• PROBLEM STATEMENT: What lines of the listing include the string "import"? Show them all.

• EXERCISE MATERIALS:
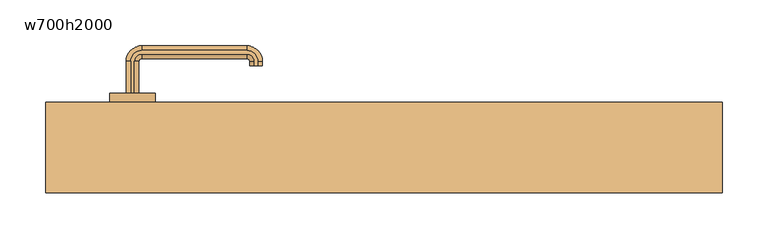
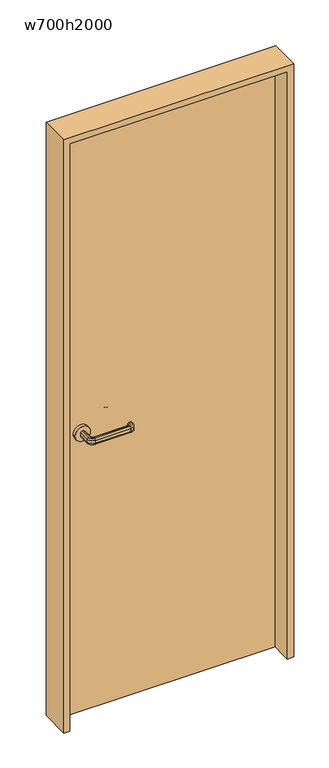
"""IFC4 building model written with IfcOpenShell, lengths in millimetres: door geometry, 片開き : w700h2000."""

from ifc_helpers import new_model, si_unit, point, frame, frame_2d, origin, origin_with_axes, place, context, project, spatial, polyline, circle_curve, ellipse_curve, trimmed, segment, composite_curve, outline, extrude, source, transform, mapped, element, save
from ifc_brep_helpers import plane_surface, cylinder_surface, revolved_surface, advanced_brep


def w700h2000_a506aba8(model_context):
    return source(origin(), model_context, "Body", "SolidModel", [
        advanced_brep(
        [(-277.0, 59.5, 960.0), (-282.0, 59.5, 955.0), (-282.0, 59.5, 945.0477623), (-277.0, 59.5, 940.0477623), (-273.0, 59.5, 940.0477623), (-268.0, 59.5, 945.0477623), (-268.0, 59.5, 955.0), (-273.0, 59.5, 960.0), (-277.0, 94.5, 960.0), (-282.0, 94.5, 955.0), (-282.0, 94.5, 945.0477623), (-277.0, 94.5, 940.0477623), (-265.0, 106.5, 940.0477623), (-150.0, 106.5, 940.0477623), (-138.0, 94.5, 940.0477623), (-138.0, 89.5, 940.0477623), (-142.0, 89.5, 940.0477623), (-142.0, 94.5, 940.0477623), (-150.0, 102.5, 940.0477623), (-265.0, 102.5, 940.0477623), (-273.0, 94.5, 940.0477623), (-268.0, 94.5, 945.0477623), (-268.0, 94.5, 955.0), (-273.0, 94.5, 960.0), (-265.0, 102.5, 960.0), (-150.0, 102.5, 960.0), (-142.0, 94.5, 960.0), (-142.0, 89.5, 960.0), (-138.0, 89.5, 960.0), (-138.0, 94.5, 960.0), (-150.0, 106.5, 960.0), (-265.0, 106.5, 960.0), (-265.0, 111.5, 955.0), (-265.0, 111.5, 945.0477623), (-265.0, 97.5, 945.0477623), (-265.0, 97.5, 955.0), (-150.0, 111.5, 955.0), (-150.0, 111.5, 945.0477623), (-150.0, 97.5, 945.0477623), (-150.0, 97.5, 955.0), (-133.0, 94.5, 955.0), (-133.0, 94.5, 945.0477623), (-147.0, 94.5, 945.0477623), (-147.0, 94.5, 955.0), (-147.0, 89.5, 955.0), (-147.0, 89.5, 945.0477623), (-133.0, 89.5, 945.0477623), (-133.0, 89.5, 955.0)],
        [
            (0, 1, circle_curve(frame((-277.0, 59.5, 955.0), z_axis=(0.0, -1.0, 0.0), x_axis=(-1.0, 0.0, 0.0)), 5.0)),
            (1, 2),
            (2, 3, circle_curve(frame((-277.0, 59.5, 945.0477623), z_axis=(0.0, -1.0, 0.0), x_axis=(-1.0, 0.0, 0.0)), 5.0)),
            (3, 4),
            (4, 5, circle_curve(frame((-273.0, 59.5, 945.0477623), z_axis=(0.0, -1.0, 0.0), x_axis=(-1.0, 0.0, 0.0)), 5.0)),
            (5, 6),
            (6, 7, circle_curve(frame((-273.0, 59.5, 955.0), z_axis=(0.0, -1.0, 0.0), x_axis=(-1.0, 0.0, 0.0)), 5.0)),
            (7, 0),
            (0, 8),
            (8, 9, circle_curve(frame((-277.0, 94.5, 955.0), z_axis=(0.0, -1.0, 0.0), x_axis=(-1.0, 0.0, 0.0)), 5.0)),
            (9, 1),
            (9, 10),
            (10, 2),
            (10, 11, circle_curve(frame((-277.0, 94.5, 945.0477623), z_axis=(0.0, -1.0, 0.0), x_axis=(-1.0, 0.0, 0.0)), 5.0)),
            (11, 3),
            (11, 12, circle_curve(frame((-265.0, 94.5, 940.0477623), z_axis=(0.0, 0.0, -1.0), x_axis=(-1.0, 0.0, 0.0)), 12.0)),
            (12, 13),
            (13, 14, circle_curve(frame((-150.0, 94.5, 940.0477623), z_axis=(0.0, 0.0, -1.0), x_axis=(0.0, 1.0, 0.0)), 12.0)),
            (14, 15),
            (15, 16),
            (16, 17),
            (17, 18, circle_curve(frame((-150.0, 94.5, 940.0477623), z_axis=(0.0, 0.0, 1.0), x_axis=(0.0, 1.0, 0.0)), 8.0)),
            (18, 19),
            (19, 20, circle_curve(frame((-265.0, 94.5, 940.0477623), z_axis=(0.0, 0.0, 1.0), x_axis=(-1.0, 0.0, 0.0)), 8.0)),
            (20, 4),
            (20, 21, circle_curve(frame((-273.0, 94.5, 945.0477623), z_axis=(0.0, -1.0, 0.0), x_axis=(-1.0, 0.0, 0.0)), 5.0)),
            (21, 5),
            (21, 22),
            (22, 6),
            (22, 23, circle_curve(frame((-273.0, 94.5, 955.0), z_axis=(0.0, -1.0, 0.0), x_axis=(-1.0, 0.0, 0.0)), 5.0)),
            (23, 7),
            (23, 24, circle_curve(frame((-265.0, 94.5, 960.0), z_axis=(0.0, 0.0, -1.0), x_axis=(-1.0, 0.0, 0.0)), 8.0)),
            (24, 25),
            (25, 26, circle_curve(frame((-150.0, 94.5, 960.0), z_axis=(0.0, 0.0, -1.0), x_axis=(0.0, 1.0, 0.0)), 8.0)),
            (26, 27),
            (27, 28),
            (28, 29),
            (29, 30, circle_curve(frame((-150.0, 94.5, 960.0), z_axis=(0.0, 0.0, 1.0), x_axis=(0.0, 1.0, 0.0)), 12.0)),
            (30, 31),
            (31, 8, circle_curve(frame((-265.0, 94.5, 960.0), z_axis=(0.0, 0.0, 1.0), x_axis=(-1.0, 0.0, 0.0)), 12.0)),
            (32, 9, circle_curve(frame((-265.0, 94.5, 955.0), z_axis=(0.0, 0.0, 1.0), x_axis=(-1.0, 0.0, 0.0)), 17.0)),
            (31, 32, circle_curve(frame((-265.0, 106.5, 955.0), z_axis=(-1.0, 0.0, 0.0), x_axis=(0.0, 1.0, 0.0)), 5.0)),
            (33, 10, circle_curve(frame((-265.0, 94.5, 945.0477623), z_axis=(0.0, 0.0, 1.0), x_axis=(-1.0, 0.0, 0.0)), 17.0)),
            (32, 33),
            (33, 12, circle_curve(frame((-265.0, 106.5, 945.0477623), z_axis=(-1.0, 0.0, 0.0), x_axis=(0.0, 1.0, 0.0)), 5.0)),
            (34, 21, circle_curve(frame((-265.0, 94.5, 945.0477623), z_axis=(0.0, 0.0, 1.0), x_axis=(-1.0, 0.0, 0.0)), 3.0)),
            (19, 34, circle_curve(frame((-265.0, 102.5, 945.0477623), z_axis=(-1.0, 0.0, 0.0), x_axis=(0.0, 1.0, 0.0)), 5.0)),
            (35, 22, circle_curve(frame((-265.0, 94.5, 955.0), z_axis=(0.0, 0.0, 1.0), x_axis=(-1.0, 0.0, 0.0)), 3.0)),
            (34, 35),
            (35, 24, circle_curve(frame((-265.0, 102.5, 955.0), z_axis=(-1.0, 0.0, 0.0), x_axis=(0.0, 1.0, 0.0)), 5.0)),
            (30, 36, circle_curve(frame((-150.0, 106.5, 955.0), z_axis=(-1.0, 0.0, 0.0), x_axis=(0.0, 1.0, 0.0)), 5.0)),
            (36, 32),
            (36, 37),
            (37, 33),
            (37, 13, circle_curve(frame((-150.0, 106.5, 945.0477623), z_axis=(-1.0, 0.0, 0.0), x_axis=(0.0, 1.0, 0.0)), 5.0)),
            (18, 38, circle_curve(frame((-150.0, 102.5, 945.0477623), z_axis=(-1.0, 0.0, 0.0), x_axis=(0.0, 1.0, 0.0)), 5.0)),
            (38, 34),
            (38, 39),
            (39, 35),
            (39, 25, circle_curve(frame((-150.0, 102.5, 955.0), z_axis=(-1.0, 0.0, 0.0), x_axis=(0.0, 1.0, 0.0)), 5.0)),
            (40, 36, circle_curve(frame((-150.0, 94.5, 955.0), z_axis=(0.0, 0.0, 1.0), x_axis=(0.0, 1.0, 0.0)), 17.0)),
            (29, 40, circle_curve(frame((-138.0, 94.5, 955.0), z_axis=(0.0, 1.0, 0.0), x_axis=(1.0, 0.0, 0.0)), 5.0)),
            (41, 37, circle_curve(frame((-150.0, 94.5, 945.0477623), z_axis=(0.0, 0.0, 1.0), x_axis=(0.0, 1.0, 0.0)), 17.0)),
            (40, 41),
            (41, 14, circle_curve(frame((-138.0, 94.5, 945.0477623), z_axis=(0.0, 1.0, 0.0), x_axis=(1.0, 0.0, 0.0)), 5.0)),
            (42, 38, circle_curve(frame((-150.0, 94.5, 945.0477623), z_axis=(0.0, 0.0, 1.0), x_axis=(0.0, 1.0, 0.0)), 3.0)),
            (17, 42, circle_curve(frame((-142.0, 94.5, 945.0477623), z_axis=(0.0, 1.0, 0.0), x_axis=(1.0, 0.0, 0.0)), 5.0)),
            (43, 39, circle_curve(frame((-150.0, 94.5, 955.0), z_axis=(0.0, 0.0, 1.0), x_axis=(0.0, 1.0, 0.0)), 3.0)),
            (42, 43),
            (43, 26, circle_curve(frame((-142.0, 94.5, 955.0), z_axis=(0.0, 1.0, 0.0), x_axis=(1.0, 0.0, 0.0)), 5.0)),
            (27, 44, circle_curve(frame((-142.0, 89.5, 955.0), z_axis=(0.0, -1.0, 0.0), x_axis=(1.0, 0.0, 0.0)), 5.0)),
            (44, 45),
            (45, 16, circle_curve(frame((-142.0, 89.5, 945.0477623), z_axis=(0.0, -1.0, 0.0), x_axis=(1.0, 0.0, 0.0)), 5.0)),
            (15, 46, circle_curve(frame((-138.0, 89.5, 945.0477623), z_axis=(0.0, -1.0, 0.0), x_axis=(1.0, 0.0, 0.0)), 5.0)),
            (46, 47),
            (47, 28, circle_curve(frame((-138.0, 89.5, 955.0), z_axis=(0.0, -1.0, 0.0), x_axis=(1.0, 0.0, 0.0)), 5.0)),
            (47, 40),
            (46, 41),
            (45, 42),
            (44, 43),
        ],
        [
            plane_surface(frame((-285.198039, 59.5, 950.0), z_axis=(0.0, -1.0, 0.0), x_axis=(0.0, 0.0, 1.0))),
            cylinder_surface(frame((-277.0, 59.5, 955.0), z_axis=(0.0, -1.0, 0.0), x_axis=(-1.0, 0.0, 0.0)), 5.0),
            plane_surface(frame((-282.0, 59.5, 955.0), z_axis=(-1.0, 0.0, 0.0), x_axis=(0.0, 1.0, 0.0))),
            cylinder_surface(frame((-277.0, 59.5, 945.0477623), z_axis=(0.0, -1.0, 0.0), x_axis=(-1.0, 0.0, 0.0)), 5.0),
            plane_surface(frame((-277.0, 59.5, 940.0477623), z_axis=(0.0, 0.0, -1.0), x_axis=(0.0, 1.0, 0.0))),
            cylinder_surface(frame((-273.0, 59.5, 945.0477623), z_axis=(0.0, -1.0, 0.0), x_axis=(-1.0, 0.0, 0.0)), 5.0),
            plane_surface(frame((-268.0, 59.5, 945.0477623), z_axis=(1.0, 0.0, 0.0), x_axis=(0.0, 1.0, 0.0))),
            cylinder_surface(frame((-273.0, 59.5, 955.0), z_axis=(0.0, -1.0, 0.0), x_axis=(-1.0, 0.0, 0.0)), 5.0),
            plane_surface(frame((-273.0, 59.5, 960.0), z_axis=(0.0, 0.0, 1.0), x_axis=(0.0, 1.0, 0.0))),
            revolved_surface(trimmed(ellipse_curve(frame((-277.0, 94.5, 955.0), z_axis=(0.0, -1.0, 0.0), x_axis=(-1.0, 0.0, 0.0)), 5.0, 5.0), [point((-277.0, 94.5, 960.0))], [point((-282.0, 94.5, 955.0))], True, "CARTESIAN"), (-265.0, 94.5, 950.0), (0.0, 0.0, -1.0)),
            cylinder_surface(frame((-265.0, 94.5, 950.0), z_axis=(0.0, 0.0, -1.0), x_axis=(-1.0, 0.0, 0.0)), 17.0),
            revolved_surface(trimmed(ellipse_curve(frame((-277.0, 94.5, 945.0477623), z_axis=(0.0, -1.0, 0.0), x_axis=(-1.0, 0.0, 0.0)), 5.0, 5.0), [point((-282.0, 94.5, 945.0477623))], [point((-277.0, 94.5, 940.0477623))], True, "CARTESIAN"), (-265.0, 94.5, 950.0), (0.0, 0.0, -1.0)),
            revolved_surface(trimmed(ellipse_curve(frame((-273.0, 94.5, 945.0477623), z_axis=(0.0, -1.0, 0.0), x_axis=(-1.0, 0.0, 0.0)), 5.0, 5.0), [point((-273.0, 94.5, 940.0477623))], [point((-268.0, 94.5, 945.0477623))], True, "CARTESIAN"), (-265.0, 94.5, 950.0), (0.0, 0.0, -1.0)),
            revolved_surface(polyline([(-268.0, 94.5, 945.0477623), (-268.0, 94.5, 955.0)]), (-265.0, 94.5, 950.0), (0.0, 0.0, -1.0)),
            revolved_surface(trimmed(ellipse_curve(frame((-273.0, 94.5, 955.0), z_axis=(0.0, -1.0, 0.0), x_axis=(-1.0, 0.0, 0.0)), 5.0, 5.0), [point((-268.0, 94.5, 955.0))], [point((-273.0, 94.5, 960.0))], True, "CARTESIAN"), (-265.0, 94.5, 950.0), (0.0, 0.0, -1.0)),
            cylinder_surface(frame((-265.0, 106.5, 955.0), z_axis=(-1.0, 0.0, 0.0), x_axis=(0.0, 1.0, 0.0)), 5.0),
            plane_surface(frame((-265.0, 111.5, 955.0), z_axis=(0.0, 1.0, 0.0), x_axis=(1.0, 0.0, 0.0))),
            cylinder_surface(frame((-265.0, 106.5, 945.0477623), z_axis=(-1.0, 0.0, 0.0), x_axis=(0.0, 1.0, 0.0)), 5.0),
            cylinder_surface(frame((-265.0, 102.5, 945.0477623), z_axis=(-1.0, 0.0, 0.0), x_axis=(0.0, 1.0, 0.0)), 5.0),
            plane_surface(frame((-265.0, 97.5, 945.0477623), z_axis=(0.0, -1.0, 0.0), x_axis=(1.0, 0.0, 0.0))),
            cylinder_surface(frame((-265.0, 102.5, 955.0), z_axis=(-1.0, 0.0, 0.0), x_axis=(0.0, 1.0, 0.0)), 5.0),
            revolved_surface(trimmed(ellipse_curve(frame((-150.0, 106.5, 955.0), z_axis=(-1.0, 0.0, 0.0), x_axis=(0.0, 1.0, 0.0)), 5.0, 5.0), [point((-150.0, 106.5, 960.0))], [point((-150.0, 111.5, 955.0))], True, "CARTESIAN"), (-150.0, 94.5, 950.0), (0.0, 0.0, -1.0)),
            cylinder_surface(frame((-150.0, 94.5, 950.0), z_axis=(0.0, 0.0, -1.0), x_axis=(0.0, 1.0, 0.0)), 17.0),
            revolved_surface(trimmed(ellipse_curve(frame((-150.0, 106.5, 945.0477623), z_axis=(-1.0, 0.0, 0.0), x_axis=(0.0, 1.0, 0.0)), 5.0, 5.0), [point((-150.0, 111.5, 945.0477623))], [point((-150.0, 106.5, 940.0477623))], True, "CARTESIAN"), (-150.0, 94.5, 950.0), (0.0, 0.0, -1.0)),
            revolved_surface(trimmed(ellipse_curve(frame((-150.0, 102.5, 945.0477623), z_axis=(-1.0, 0.0, 0.0), x_axis=(0.0, 1.0, 0.0)), 5.0, 5.0), [point((-150.0, 102.5, 940.0477623))], [point((-150.0, 97.5, 945.0477623))], True, "CARTESIAN"), (-150.0, 94.5, 950.0), (0.0, 0.0, -1.0)),
            revolved_surface(polyline([(-150.0, 97.5, 945.0477623), (-150.0, 97.5, 955.0)]), (-150.0, 94.5, 950.0), (0.0, 0.0, -1.0)),
            revolved_surface(trimmed(ellipse_curve(frame((-150.0, 102.5, 955.0), z_axis=(-1.0, 0.0, 0.0), x_axis=(0.0, 1.0, 0.0)), 5.0, 5.0), [point((-150.0, 97.5, 955.0))], [point((-150.0, 102.5, 960.0))], True, "CARTESIAN"), (-150.0, 94.5, 950.0), (0.0, 0.0, -1.0)),
            plane_surface(frame((-150.198039, 89.5, 950.0), z_axis=(0.0, -1.0, 0.0), x_axis=(0.0, 0.0, -1.0))),
            cylinder_surface(frame((-138.0, 94.5, 955.0), z_axis=(0.0, 1.0, 0.0), x_axis=(1.0, 0.0, 0.0)), 5.0),
            plane_surface(frame((-133.0, 94.5, 955.0), z_axis=(1.0, 0.0, 0.0), x_axis=(0.0, -1.0, 0.0))),
            cylinder_surface(frame((-138.0, 94.5, 945.0477623), z_axis=(0.0, 1.0, 0.0), x_axis=(1.0, 0.0, 0.0)), 5.0),
            cylinder_surface(frame((-142.0, 94.5, 945.0477623), z_axis=(0.0, 1.0, 0.0), x_axis=(1.0, 0.0, 0.0)), 5.0),
            plane_surface(frame((-147.0, 94.5, 945.0477623), z_axis=(-1.0, 0.0, 0.0), x_axis=(0.0, -1.0, 0.0))),
            cylinder_surface(frame((-142.0, 94.5, 955.0), z_axis=(0.0, 1.0, 0.0), x_axis=(1.0, 0.0, 0.0)), 5.0),
        ],
        [
            (0, [[1, 2, 3, 4, 5, 6, 7, 8]]),
            (1, [[-1, 9, 10, 11]]),
            (2, [[-2, -11, 12, 13]]),
            (3, [[-3, -13, 14, 15]]),
            (4, [[-4, -15, 16, 17, 18, 19, 20, 21, 22, 23, 24, 25]]),
            (5, [[-5, -25, 26, 27]]),
            (6, [[-6, -27, 28, 29]]),
            (7, [[-7, -29, 30, 31]]),
            (8, [[-8, -31, 32, 33, 34, 35, 36, 37, 38, 39, 40, -9]]),
            (9, [[41, -10, -40, 42]]),
            (10, [[43, -12, -41, 44]]),
            (11, [[-16, -14, -43, 45]]),
            (12, [[46, -26, -24, 47]]),
            (13, [[48, -28, -46, 49]]),
            (14, [[-32, -30, -48, 50]]),
            (15, [[-42, -39, 51, 52]]),
            (16, [[-44, -52, 53, 54]]),
            (17, [[-45, -54, 55, -17]]),
            (18, [[-47, -23, 56, 57]]),
            (19, [[-49, -57, 58, 59]]),
            (20, [[-50, -59, 60, -33]]),
            (21, [[61, -51, -38, 62]]),
            (22, [[63, -53, -61, 64]]),
            (23, [[-18, -55, -63, 65]]),
            (24, [[66, -56, -22, 67]]),
            (25, [[68, -58, -66, 69]]),
            (26, [[-34, -60, -68, 70]]),
            (27, [[-36, 71, 72, 73, -20, 74, 75, 76]]),
            (28, [[-62, -37, -76, 77]]),
            (29, [[-64, -77, -75, 78]]),
            (30, [[-65, -78, -74, -19]]),
            (31, [[-67, -21, -73, 79]]),
            (32, [[-69, -79, -72, 80]]),
            (33, [[-70, -80, -71, -35]]),
        ],
    ),
        advanced_brep(
        [(-273.0, 9.5, 940.0), (-277.0, 9.5, 940.0), (-282.0, 9.5, 945.0), (-282.0, 9.5, 955.0), (-277.0, 9.5, 960.0), (-273.0, 9.5, 960.0), (-268.0, 9.5, 955.0), (-268.0, 9.5, 945.0), (-273.0, -25.5, 940.0), (-265.0, -33.5, 940.0), (-150.0, -33.5, 940.0), (-142.0, -25.5, 940.0), (-142.0, -20.5, 940.0), (-138.0, -20.5, 940.0), (-138.0, -25.5, 940.0), (-150.0, -37.5, 940.0), (-265.0, -37.5, 940.0), (-277.0, -25.5, 940.0), (-282.0, -25.5, 945.0), (-282.0, -25.5, 955.0), (-277.0, -25.5, 960.0), (-265.0, -37.5, 960.0), (-150.0, -37.5, 960.0), (-138.0, -25.5, 960.0), (-138.0, -20.5, 960.0), (-142.0, -20.5, 960.0), (-142.0, -25.5, 960.0), (-150.0, -33.5, 960.0), (-265.0, -33.5, 960.0), (-273.0, -25.5, 960.0), (-268.0, -25.5, 955.0), (-268.0, -25.5, 945.0), (-265.0, -42.5, 945.0), (-265.0, -42.5, 955.0), (-265.0, -28.5, 955.0), (-265.0, -28.5, 945.0), (-150.0, -42.5, 945.0), (-150.0, -42.5, 955.0), (-150.0, -28.5, 955.0), (-150.0, -28.5, 945.0), (-133.0, -25.5, 945.0), (-133.0, -25.5, 955.0), (-147.0, -25.5, 955.0), (-147.0, -25.5, 945.0), (-147.0, -20.5, 945.0), (-147.0, -20.5, 955.0), (-133.0, -20.5, 955.0), (-133.0, -20.5, 945.0)],
        [
            (0, 1),
            (1, 2, circle_curve(frame((-277.0, 9.5, 945.0), z_axis=(0.0, 1.0, 0.0), x_axis=(1.0, 0.0, 0.0)), 5.0)),
            (2, 3),
            (3, 4, circle_curve(frame((-277.0, 9.5, 955.0), z_axis=(0.0, 1.0, 0.0), x_axis=(1.0, 0.0, 0.0)), 5.0)),
            (4, 5),
            (5, 6, circle_curve(frame((-273.0, 9.5, 955.0), z_axis=(0.0, 1.0, 0.0), x_axis=(1.0, 0.0, 0.0)), 5.0)),
            (6, 7),
            (7, 0, circle_curve(frame((-273.0, 9.5, 945.0), z_axis=(0.0, 1.0, 0.0), x_axis=(1.0, 0.0, 0.0)), 5.0)),
            (0, 8),
            (8, 9, circle_curve(frame((-265.0, -25.5, 940.0), z_axis=(0.0, 0.0, 1.0), x_axis=(-1.0, 0.0, 0.0)), 8.0)),
            (9, 10),
            (10, 11, circle_curve(frame((-150.0, -25.5, 940.0), z_axis=(0.0, 0.0, 1.0), x_axis=(0.0, -1.0, 0.0)), 8.0)),
            (11, 12),
            (12, 13),
            (13, 14),
            (14, 15, circle_curve(frame((-150.0, -25.5, 940.0), z_axis=(0.0, 0.0, -1.0), x_axis=(0.0, -1.0, 0.0)), 12.0)),
            (15, 16),
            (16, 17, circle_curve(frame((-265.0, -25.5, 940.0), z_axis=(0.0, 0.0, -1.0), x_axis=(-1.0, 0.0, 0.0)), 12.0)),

• COMPLETED EXERCISE:
from ifc_helpers import new_model, si_unit, point, frame, frame_2d, origin, origin_with_axes, place, context, project, spatial, polyline, circle_curve, ellipse_curve, trimmed, segment, composite_curve, outline, extrude, source, transform, mapped, element, save
from ifc_brep_helpers import plane_surface, cylinder_surface, revolved_surface, advanced_brep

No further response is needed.